## What is needed
Using the data below, copy out all lines with the word "points".

## Items from a dataset
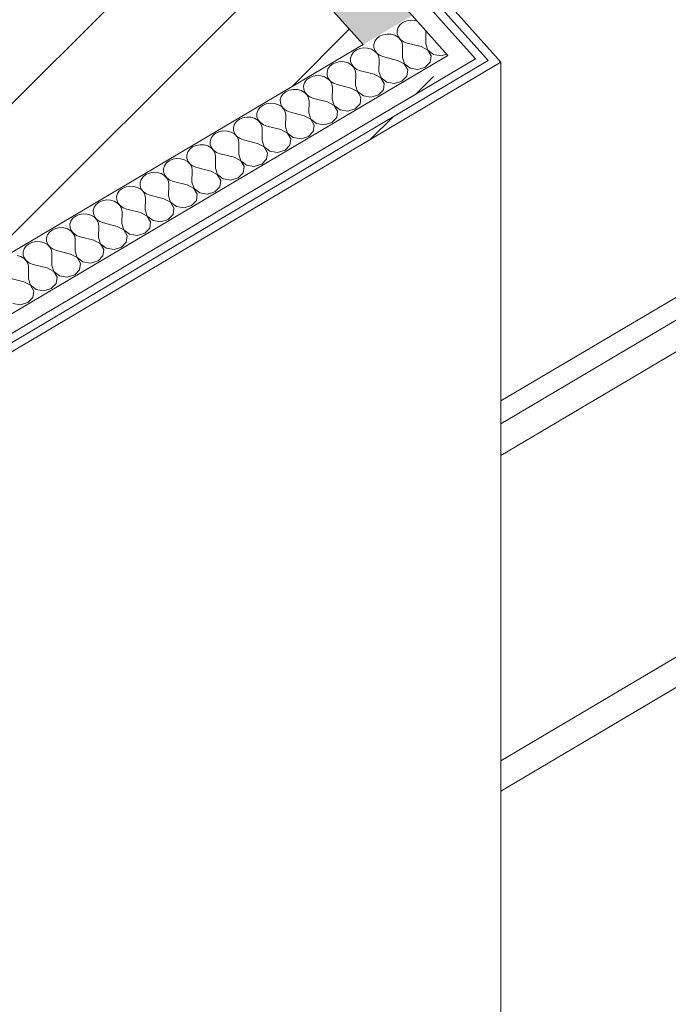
# Model space of a CAD drawing. Header units: millimetres. Extents: x -36631 to 27388, y -24993 to 6945.
# Tile 117 of 256: x -2909 to -2455, y -14851 to -14162. Entities that reach past the tile are written whole.
import ezdxf

# ---------------------------------------------------------------- set-up
doc = ezdxf.new("R2010")
doc.units = ezdxf.units.MM
doc.header["$MEASUREMENT"] = 0
doc.linetypes.add('Wipeout_Contour', pattern=[1000, 0, -1000])
for name, color, linetype in [('10_ESTR_Pilars', 7, 'Continuous'), ('Nuevo_08_E_Envans secs', 7, 'Continuous'), ('Nuevo_14_PAV_Soft Light Grey 0554', 7, 'Continuous'), ('Ventanas Archicad', 7, 'Continuous')]:
    doc.layers.add(name, color=color, linetype=linetype)
for name, color, linetype, lineweight in [('10_ESTR_Pilars_Pluma_Nº__28', 7, 'Continuous', 20), ('10_ESTR_Pilars_Pluma_Nº__42', 8, 'Continuous', 25), ('Nuevo_08_E_Envans secs_Pluma_Nº__1', 7, 'Continuous', 5), ('Nuevo_08_E_Envans secs_Pluma_Nº__47', 7, 'Continuous', 20), ('Nuevo_14_PAV_Soft Light Grey 0554_Pluma_Nº__89', 7, 'Continuous', 5), ('Ventanas Archicad_Pluma_Nº__1', 7, 'Continuous', 5), ('Ventanas Archicad_Pluma_Nº__47', 7, 'Continuous', 20)]:
    doc.layers.add(name, color=color, linetype=linetype, lineweight=lineweight)
for name, color, linetype, lineweight, true_color in [('Nuevo_08_E_Envans secs_Pluma_Nº__102', 7, 'Continuous', 5, 0xcccccc), ('Nuevo_08_E_Envans secs_Pluma_Nº__171', 171, 'Continuous', 13, 0xaaaaff), ('Nuevo_08_E_Envans secs_Pluma_Nº__177', 7, 'Continuous', 15, 0xf7e046)]:
    doc.layers.add(name, color=color, linetype=linetype, lineweight=lineweight, true_color=true_color)
pattern_1 = [(45, (0, 0), (-183.8478, 183.8478), [195, -65]), (45, (7e-14, 183.85), (-183.8478, 183.8478), [195, -65])]

# ---------------------------------------------------------------- blocks, each defined once
blk = doc.blocks.new('Elem Sección_54_1')
at = {"color": 254, "linetype": 'Wipeout_Contour', "lineweight": 0, "ltscale": 57803.334718}
blk.add_wipeout([(-3261.91, -14103.68), (-3012.23, -14383.07), (-2668.94, -14179.78), (-2918.62, -13900.38)], dxfattribs=at).dxf.layer = '10_ESTR_Pilars'
at = {"layer": '10_ESTR_Pilars_Pluma_Nº__42', "linetype": 'Continuous', "lineweight": 25}
h = blk.add_hatch(dxfattribs=at)
h.set_pattern_fill('00_GCT_trama_45º_e1_400__05', color=8, style=0, pattern_type=2)
h.set_pattern_definition([(45, (0, 0), (-45.96194, 45.96194), [])])
h.paths.add_polyline_path([(-3261.91, -14103.68), (-3012.23, -14383.07), (-2668.94, -14179.78), (-2918.62, -13900.38)])
at = {"layer": '10_ESTR_Pilars_Pluma_Nº__28', "color": 7, "linetype": 'Continuous', "lineweight": 20}
for p, q in [((-2809.75, -14022.21), (-2668.94, -14179.78)), ((-2668.94, -14179.78), (-3012.23, -14383.07)), ((-3109.34, -14274.4), (-3012.23, -14383.07))]:
    blk.add_line(p, q, dxfattribs=at)
at = {"layer": '10_ESTR_Pilars_Pluma_Nº__28', "color": 7, "linetype": 'Continuous', "lineweight": 20, "flags": 128}
for points in [[(-2918.62, -13900.38), (-3004.44, -13951.21), (-3261.91, -14103.68)], [(-2918.62, -13900.38), (-2890.89, -13931.41), (-2809.75, -14022.21)], [(-3261.91, -14103.68), (-3215.46, -14155.66), (-3153.04, -14225.51), (-3121.83, -14260.43), (-3109.34, -14274.4)]]:
    blk.add_lwpolyline(points, dxfattribs=at)
blk = doc.blocks.new('Elem Sección_103_1')
at = {"layer": 'Ventanas Archicad_Pluma_Nº__1', "color": 7, "linetype": 'Continuous', "lineweight": 5}
for p, q in [((-2572.58, -14429.22), (-1913.3, -14038.79)), ((-2572.58, -14467.41), (-1865.32, -14048.57)), ((-1903.94, -14049.27), (-2572.58, -14445.24))]:
    blk.add_line(p, q, dxfattribs=at)
at = {"layer": 'Ventanas Archicad_Pluma_Nº__47', "color": 7, "linetype": 'Continuous', "lineweight": 20}
blk.add_line((-1740.48, -14188.27), (-2572.58, -14681.04), dxfattribs=at)
blk = doc.blocks.new('Elem Sección_244_1')
at = {"color": 254, "linetype": 'Wipeout_Contour', "lineweight": 0, "ltscale": 63394.84961}
blk.add_wipeout([(-3527.56, -14522.07), (-1605.25, -16679.84), (-1600.09, -16676.8), (-3522.41, -14519.02)], dxfattribs=at).dxf.layer = 'Nuevo_08_E_Envans secs'
at = {"color": 254, "linetype": 'Wipeout_Contour', "lineweight": 0, "ltscale": 63157.812624}
blk.add_wipeout([(-1564.76, -16547.23), (-1553.58, -16540.64), (-3290.72, -14590.73), (-3301.88, -14597.33)], dxfattribs=at).dxf.layer = 'Nuevo_08_E_Envans secs'
at = {"color": 254, "linetype": 'Wipeout_Contour', "lineweight": 0, "ltscale": 63190.839389}
blk.add_wipeout([(-3301.88, -14597.33), (-3313.03, -14603.94), (-1575.93, -16553.81), (-1564.76, -16547.23)], dxfattribs=at).dxf.layer = 'Nuevo_08_E_Envans secs'
at = {"color": 254, "linetype": 'Wipeout_Contour', "lineweight": 0, "ltscale": 109955.260334}
blk.add_wipeout([(-3506.1, -14509.36), (-1603.69, -16644.8), (-1592.51, -16638.21), (-1636.12, -16589.27), (-3398.03, -14611.55), (-3399.24, -14612.27), (-3496.36, -14503.59)], dxfattribs=at).dxf.layer = 'Nuevo_08_E_Envans secs'
at = {"color": 254, "linetype": 'Wipeout_Contour', "lineweight": 0, "ltscale": 80053.323108}
blk.add_wipeout([(-3517.26, -14515.97), (-1606.77, -16660.47), (-1595.59, -16653.89), (-1603.69, -16644.8), (-3506.1, -14509.36)], dxfattribs=at).dxf.layer = 'Nuevo_08_E_Envans secs'
at = {"color": 254, "linetype": 'Wipeout_Contour', "lineweight": 0, "ltscale": 63106.035495}
blk.add_wipeout([(-3268.59, -14597.91), (-3273.74, -14600.96), (-1564.62, -16519.42), (-1559.46, -16516.39)], dxfattribs=at).dxf.layer = 'Nuevo_08_E_Envans secs'
blk = doc.blocks.new('*X363')
at = {"layer": 'Nuevo_08_E_Envans secs_Pluma_Nº__102', "color": 254, "linetype": 'Continuous', "lineweight": 5, "true_color": 0xcccccc}
for p, q in [((-2643.03, -14165.84), (-2644.43, -14167.8)), ((-2641.02, -14164.26), (-2643.03, -14165.84)), ((-2638.56, -14163.19), (-2641.02, -14164.26)), ((-2635.84, -14162.71), (-2638.56, -14163.19)), ((-2633.05, -14162.86), (-2635.84, -14162.71)), ((-2631.05, -14163.43), (-2633.05, -14162.86)), ((-2657.37, -14173.94), (-2659.38, -14175.52)), ((-2654.91, -14172.88), (-2657.37, -14173.94)), ((-2652.18, -14172.39), (-2654.91, -14172.88)), ((-2649.4, -14172.54), (-2652.18, -14172.39)), ((-2646.77, -14173.29), (-2649.4, -14172.54)), ((-2644.5, -14174.6), (-2646.77, -14173.29)), ((-2644.43, -14167.8), (-2645.12, -14170)), ((-2645.12, -14170), (-2645.05, -14172.27)), ((-2645.05, -14172.27), (-2644.21, -14174.44)), ((-2624.97, -14171.04), (-2625.12, -14170.07)), ((-2625.12, -14179.26), (-2624.97, -14171.04)), ((-2660.78, -14177.48), (-2661.47, -14179.68)), ((-2661.47, -14179.68), (-2661.39, -14181.95)), ((-2659.38, -14175.52), (-2660.78, -14177.48)), ((-2642.75, -14176.37), (-2644.5, -14174.6)), ((-2644.21, -14174.44), (-2642.68, -14176.33)), ((-2641.66, -14178.46), (-2642.75, -14176.37)), ((-2642.68, -14176.33), (-2640.58, -14177.82)), ((-2641.32, -14180.72), (-2641.66, -14178.46)), ((-2641.47, -14188.94), (-2641.32, -14180.72)), ((-2640.58, -14177.82), (-2638.05, -14178.78)), ((-2628.39, -14181.2), (-2638.05, -14178.78)), ((-2625.12, -14179.26), (-2623.69, -14183.6)), ((-2677.12, -14187.16), (-2677.81, -14189.36)), ((-2675.72, -14185.2), (-2677.12, -14187.16)), ((-2673.72, -14183.63), (-2675.72, -14185.2)), ((-2671.26, -14182.56), (-2673.72, -14183.63)), ((-2668.53, -14182.07), (-2671.26, -14182.56)), ((-2665.75, -14182.22), (-2668.53, -14182.07)), ((-2663.12, -14182.97), (-2665.75, -14182.22)), ((-2660.84, -14184.29), (-2663.12, -14182.97)), ((-2661.39, -14181.95), (-2660.56, -14184.12)), ((-2659.1, -14186.05), (-2660.84, -14184.29)), ((-2660.56, -14184.12), (-2659.03, -14186.02)), ((-2658.01, -14188.14), (-2659.1, -14186.05)), ((-2659.03, -14186.02), (-2656.92, -14187.5)), ((-2656.92, -14187.5), (-2654.4, -14188.46)), ((-2623.75, -14183.64), (-2628.39, -14181.2)), ((-2621.39, -14187.71), (-2623.75, -14183.64)), ((-2623.69, -14183.6), (-2619.67, -14186.68)), ((-2622.01, -14192.17), (-2621.39, -14187.71)), ((-2619.67, -14186.68), (-2614.25, -14187.58)), ((-2614.25, -14187.58), (-2610.48, -14186.45)), ((-2692.07, -14194.88), (-2693.47, -14196.84)), ((-2690.06, -14193.31), (-2692.07, -14194.88)), ((-2687.6, -14192.24), (-2690.06, -14193.31)), ((-2684.88, -14191.75), (-2687.6, -14192.24)), ((-2682.09, -14191.9), (-2684.88, -14191.75)), ((-2679.47, -14192.65), (-2682.09, -14191.9)), ((-2677.19, -14193.97), (-2679.47, -14192.65)), ((-2677.81, -14189.36), (-2677.74, -14191.63)), ((-2677.74, -14191.63), (-2676.91, -14193.8)), ((-2675.44, -14195.73), (-2677.19, -14193.97)), ((-2676.91, -14193.8), (-2675.38, -14195.7)), ((-2657.67, -14190.4), (-2658.01, -14188.14)), ((-2657.81, -14198.62), (-2657.67, -14190.4)), ((-2644.74, -14190.88), (-2654.4, -14188.46)), ((-2640.1, -14193.32), (-2644.74, -14190.88)), ((-2641.47, -14188.94), (-2640.03, -14193.28)), ((-2637.74, -14197.39), (-2640.1, -14193.32)), ((-2640.03, -14193.28), (-2636.01, -14196.37)), ((-2625.42, -14195.71), (-2622.01, -14192.17)), ((-2701.22, -14201.44), (-2703.95, -14201.92)), ((-2698.44, -14201.58), (-2701.22, -14201.44)), ((-2695.81, -14202.33), (-2698.44, -14201.58)), ((-2693.47, -14196.84), (-2694.16, -14199.04)), ((-2694.16, -14199.04), (-2694.09, -14201.31)), ((-2694.09, -14201.31), (-2693.25, -14203.48)), ((-2674.36, -14197.82), (-2675.44, -14195.73)), ((-2675.38, -14195.7), (-2673.27, -14197.18)), ((-2674.01, -14200.08), (-2674.36, -14197.82)), ((-2674.16, -14208.3), (-2674.01, -14200.08)), ((-2673.27, -14197.18), (-2670.74, -14198.14)), ((-2661.08, -14200.56), (-2670.74, -14198.14)), ((-2656.45, -14203), (-2661.08, -14200.56)), ((-2657.81, -14198.62), (-2656.38, -14202.97)), ((-2638.35, -14201.86), (-2637.74, -14197.39)), ((-2636.01, -14196.37), (-2630.6, -14197.26)), ((-2630.6, -14197.26), (-2625.42, -14195.71)), ((-2709.82, -14206.53), (-2710.51, -14208.72)), ((-2708.42, -14204.56), (-2709.82, -14206.53)), ((-2706.41, -14202.99), (-2708.42, -14204.56)), ((-2703.95, -14201.92), (-2706.41, -14202.99)), ((-2693.54, -14203.65), (-2695.81, -14202.33)), ((-2691.79, -14205.42), (-2693.54, -14203.65)), ((-2693.25, -14203.48), (-2691.72, -14205.38)), ((-2690.7, -14207.51), (-2691.79, -14205.42)), ((-2691.72, -14205.38), (-2689.62, -14206.86)), ((-2690.36, -14209.76), (-2690.7, -14207.51)), ((-2689.62, -14206.86), (-2687.09, -14207.82)), ((-2677.43, -14210.24), (-2687.09, -14207.82)), ((-2674.16, -14208.3), (-2672.73, -14212.65)), ((-2654.09, -14207.07), (-2656.45, -14203)), ((-2656.38, -14202.97), (-2652.36, -14206.05)), ((-2654.7, -14211.54), (-2654.09, -14207.07)), ((-2652.36, -14206.05), (-2646.95, -14206.95)), ((-2646.95, -14206.95), (-2641.76, -14205.39)), ((-2641.76, -14205.39), (-2638.35, -14201.86)), ((-2724.76, -14214.24), (-2726.17, -14216.21)), ((-2722.76, -14212.67), (-2724.76, -14214.24)), ((-2720.3, -14211.6), (-2722.76, -14212.67)), ((-2717.57, -14211.12), (-2720.3, -14211.6)), ((-2714.79, -14211.26), (-2717.57, -14211.12)), ((-2712.16, -14212.02), (-2714.79, -14211.26)), ((-2709.89, -14213.33), (-2712.16, -14212.02)), ((-2710.51, -14208.72), (-2710.43, -14210.99)), ((-2710.43, -14210.99), (-2709.6, -14213.16)), ((-2708.14, -14215.1), (-2709.89, -14213.33)), ((-2709.6, -14213.16), (-2708.07, -14215.06)), ((-2707.05, -14217.19), (-2708.14, -14215.1)), ((-2708.07, -14215.06), (-2705.96, -14216.54)), ((-2690.51, -14217.98), (-2690.36, -14209.76)), ((-2672.8, -14212.68), (-2677.43, -14210.24)), ((-2670.43, -14216.75), (-2672.8, -14212.68)), ((-2672.73, -14212.65), (-2668.71, -14215.73)), ((-2663.29, -14216.63), (-2658.11, -14215.07)), ((-2658.11, -14215.07), (-2654.7, -14211.54)), ((-2739.1, -14222.35), (-2741.11, -14223.92)), ((-2736.64, -14221.28), (-2739.1, -14222.35)), ((-2733.92, -14220.8), (-2736.64, -14221.28)), ((-2731.14, -14220.94), (-2733.92, -14220.8)), ((-2728.51, -14221.7), (-2731.14, -14220.94)), ((-2726.23, -14223.01), (-2728.51, -14221.7)), ((-2726.17, -14216.21), (-2726.86, -14218.41)), ((-2726.86, -14218.41), (-2726.78, -14220.67)), ((-2726.78, -14220.67), (-2725.95, -14222.84)), ((-2706.71, -14219.44), (-2707.05, -14217.19)), ((-2706.85, -14227.66), (-2706.71, -14219.44)), ((-2705.96, -14216.54), (-2703.44, -14217.5)), ((-2693.78, -14219.92), (-2703.44, -14217.5)), ((-2689.14, -14222.37), (-2693.78, -14219.92)), ((-2690.51, -14217.98), (-2689.08, -14222.33)), ((-2686.78, -14226.43), (-2689.14, -14222.37)), ((-2689.08, -14222.33), (-2685.05, -14225.41)), ((-2674.46, -14224.76), (-2671.05, -14221.22)), ((-2671.05, -14221.22), (-2670.43, -14216.75)), ((-2668.71, -14215.73), (-2663.29, -14216.63)), ((-2742.51, -14225.89), (-2743.2, -14228.09)), ((-2743.2, -14228.09), (-2743.13, -14230.36)), ((-2741.11, -14223.92), (-2742.51, -14225.89)), ((-2724.48, -14224.78), (-2726.23, -14223.01)), ((-2725.95, -14222.84), (-2724.42, -14224.74)), ((-2723.4, -14226.87), (-2724.48, -14224.78)), ((-2724.42, -14224.74), (-2722.31, -14226.22)), ((-2723.05, -14229.12), (-2723.4, -14226.87)), ((-2723.2, -14237.35), (-2723.05, -14229.12)), ((-2722.31, -14226.22), (-2719.78, -14227.18)), ((-2710.12, -14229.6), (-2719.78, -14227.18)), ((-2706.85, -14227.66), (-2705.42, -14232.01)), ((-2687.39, -14230.9), (-2686.78, -14226.43)), ((-2685.05, -14225.41), (-2679.64, -14226.31)), ((-2679.64, -14226.31), (-2674.46, -14224.76)), ((-2758.86, -14235.57), (-2759.55, -14237.77)), ((-2757.46, -14233.61), (-2758.86, -14235.57)), ((-2755.45, -14232.03), (-2757.46, -14233.61)), ((-2752.99, -14230.96), (-2755.45, -14232.03)), ((-2750.27, -14230.48), (-2752.99, -14230.96)), ((-2747.48, -14230.62), (-2750.27, -14230.48)), ((-2744.85, -14231.38), (-2747.48, -14230.62)), ((-2742.58, -14232.69), (-2744.85, -14231.38)), ((-2743.13, -14230.36), (-2742.29, -14232.52)), ((-2740.83, -14234.46), (-2742.58, -14232.69)), ((-2742.29, -14232.52), (-2740.77, -14234.42)), ((-2739.74, -14236.55), (-2740.83, -14234.46)), ((-2740.77, -14234.42), (-2738.66, -14235.9)), ((-2738.66, -14235.9), (-2736.13, -14236.86)), ((-2705.49, -14232.05), (-2710.12, -14229.6)), ((-2703.13, -14236.11), (-2705.49, -14232.05)), ((-2705.42, -14232.01), (-2701.4, -14235.09)), ((-2703.74, -14240.58), (-2703.13, -14236.11)), ((-2701.4, -14235.09), (-2695.99, -14235.99)), ((-2695.99, -14235.99), (-2690.8, -14234.44)), ((-2690.8, -14234.44), (-2687.39, -14230.9)), ((-2771.8, -14241.71), (-2773.81, -14243.29)), ((-2769.34, -14240.64), (-2771.8, -14241.71)), ((-2766.61, -14240.16), (-2769.34, -14240.64)), ((-2763.83, -14240.3), (-2766.61, -14240.16)), ((-2761.2, -14241.06), (-2763.83, -14240.3)), ((-2758.93, -14242.37), (-2761.2, -14241.06)), ((-2759.55, -14237.77), (-2759.48, -14240.04)), ((-2759.48, -14240.04), (-2758.64, -14242.2)), ((-2757.18, -14244.14), (-2758.93, -14242.37)), ((-2758.64, -14242.2), (-2757.11, -14244.1)), ((-2739.4, -14238.8), (-2739.74, -14236.55)), ((-2739.55, -14247.03), (-2739.4, -14238.8)), ((-2726.47, -14239.28), (-2736.13, -14236.86)), ((-2721.84, -14241.73), (-2726.47, -14239.28)), ((-2723.2, -14237.35), (-2721.77, -14241.69)), ((-2719.47, -14245.79), (-2721.84, -14241.73)), ((-2721.77, -14241.69), (-2717.75, -14244.77)), ((-2707.15, -14244.12), (-2703.74, -14240.58)), ((-2782.96, -14249.84), (-2785.69, -14250.32)), ((-2780.18, -14249.98), (-2782.96, -14249.84)), ((-2777.55, -14250.74), (-2780.18, -14249.98)), ((-2775.21, -14245.25), (-2775.9, -14247.45)), ((-2775.9, -14247.45), (-2775.82, -14249.72)), ((-2775.82, -14249.72), (-2774.99, -14251.88)), ((-2773.81, -14243.29), (-2775.21, -14245.25)), ((-2756.09, -14246.23), (-2757.18, -14244.14)), ((-2757.11, -14244.1), (-2755, -14245.59)), ((-2755.75, -14248.48), (-2756.09, -14246.23)), ((-2755.9, -14256.71), (-2755.75, -14248.48)), ((-2755, -14245.59), (-2752.48, -14246.55)), ((-2742.82, -14248.96), (-2752.48, -14246.55)), ((-2738.18, -14251.41), (-2742.82, -14248.96)), ((-2739.55, -14247.03), (-2738.12, -14251.37)), ((-2720.09, -14250.26), (-2719.47, -14245.79)), ((-2717.75, -14244.77), (-2712.34, -14245.67)), ((-2712.34, -14245.67), (-2707.15, -14244.12)), ((-2791.55, -14254.93), (-2792.24, -14257.13)), ((-2790.15, -14252.97), (-2791.55, -14254.93)), ((-2788.14, -14251.39), (-2790.15, -14252.97)), ((-2785.69, -14250.32), (-2788.14, -14251.39)), ((-2775.27, -14252.05), (-2777.55, -14250.74)), ((-2773.53, -14253.82), (-2775.27, -14252.05)), ((-2774.99, -14251.88), (-2773.46, -14253.78)), ((-2772.44, -14255.91), (-2773.53, -14253.82)), ((-2773.46, -14253.78), (-2771.35, -14255.27)), ((-2772.09, -14258.16), (-2772.44, -14255.91)), ((-2771.35, -14255.27), (-2768.82, -14256.23)), ((-2759.17, -14258.64), (-2768.82, -14256.23)), ((-2755.9, -14256.71), (-2754.46, -14261.05)), ((-2735.82, -14255.47), (-2738.18, -14251.41)), ((-2738.12, -14251.37), (-2734.09, -14254.45)), ((-2736.44, -14259.94), (-2735.82, -14255.47)), ((-2734.09, -14254.45), (-2728.68, -14255.35)), ((-2728.68, -14255.35), (-2723.5, -14253.8)), ((-2723.5, -14253.8), (-2720.09, -14250.26)), ((-2806.5, -14262.65), (-2807.9, -14264.61)), ((-2804.49, -14261.07), (-2806.5, -14262.65)), ((-2802.03, -14260), (-2804.49, -14261.07)), ((-2799.31, -14259.52), (-2802.03, -14260)), ((-2796.52, -14259.66), (-2799.31, -14259.52)), ((-2793.9, -14260.42), (-2796.52, -14259.66)), ((-2791.62, -14261.73), (-2793.9, -14260.42)), ((-2792.24, -14257.13), (-2792.17, -14259.4)), ((-2792.17, -14259.4), (-2791.34, -14261.56)), ((-2789.87, -14263.5), (-2791.62, -14261.73)), ((-2791.34, -14261.56), (-2789.81, -14263.46)), ((-2788.79, -14265.59), (-2789.87, -14263.5)), ((-2789.81, -14263.46), (-2787.7, -14264.95)), ((-2772.24, -14266.39), (-2772.09, -14258.16)), ((-2754.53, -14261.09), (-2759.17, -14258.64)), ((-2752.17, -14265.15), (-2754.53, -14261.09)), ((-2754.46, -14261.05), (-2750.44, -14264.13)), ((-2745.03, -14265.03), (-2739.85, -14263.48)), ((-2739.85, -14263.48), (-2736.44, -14259.94)), ((-2818.38, -14269.68), (-2820.84, -14270.75)), ((-2815.65, -14269.2), (-2818.38, -14269.68)), ((-2812.87, -14269.34), (-2815.65, -14269.2)), ((-2810.24, -14270.1), (-2812.87, -14269.34)), ((-2807.97, -14271.41), (-2810.24, -14270.1)), ((-2807.9, -14264.61), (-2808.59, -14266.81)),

## Written solution
for points in [[(-2918.62, -13900.38), (-3004.44, -13951.21), (-3261.91, -14103.68)], [(-2918.62, -13900.38), (-2890.89, -13931.41), (-2809.75, -14022.21)], [(-3261.91, -14103.68), (-3215.46, -14155.66), (-3153.04, -14225.51), (-3121.83, -14260.43), (-3109.34, -14274.4)]]:
    blk.add_lwpolyline(points, dxfattribs=at)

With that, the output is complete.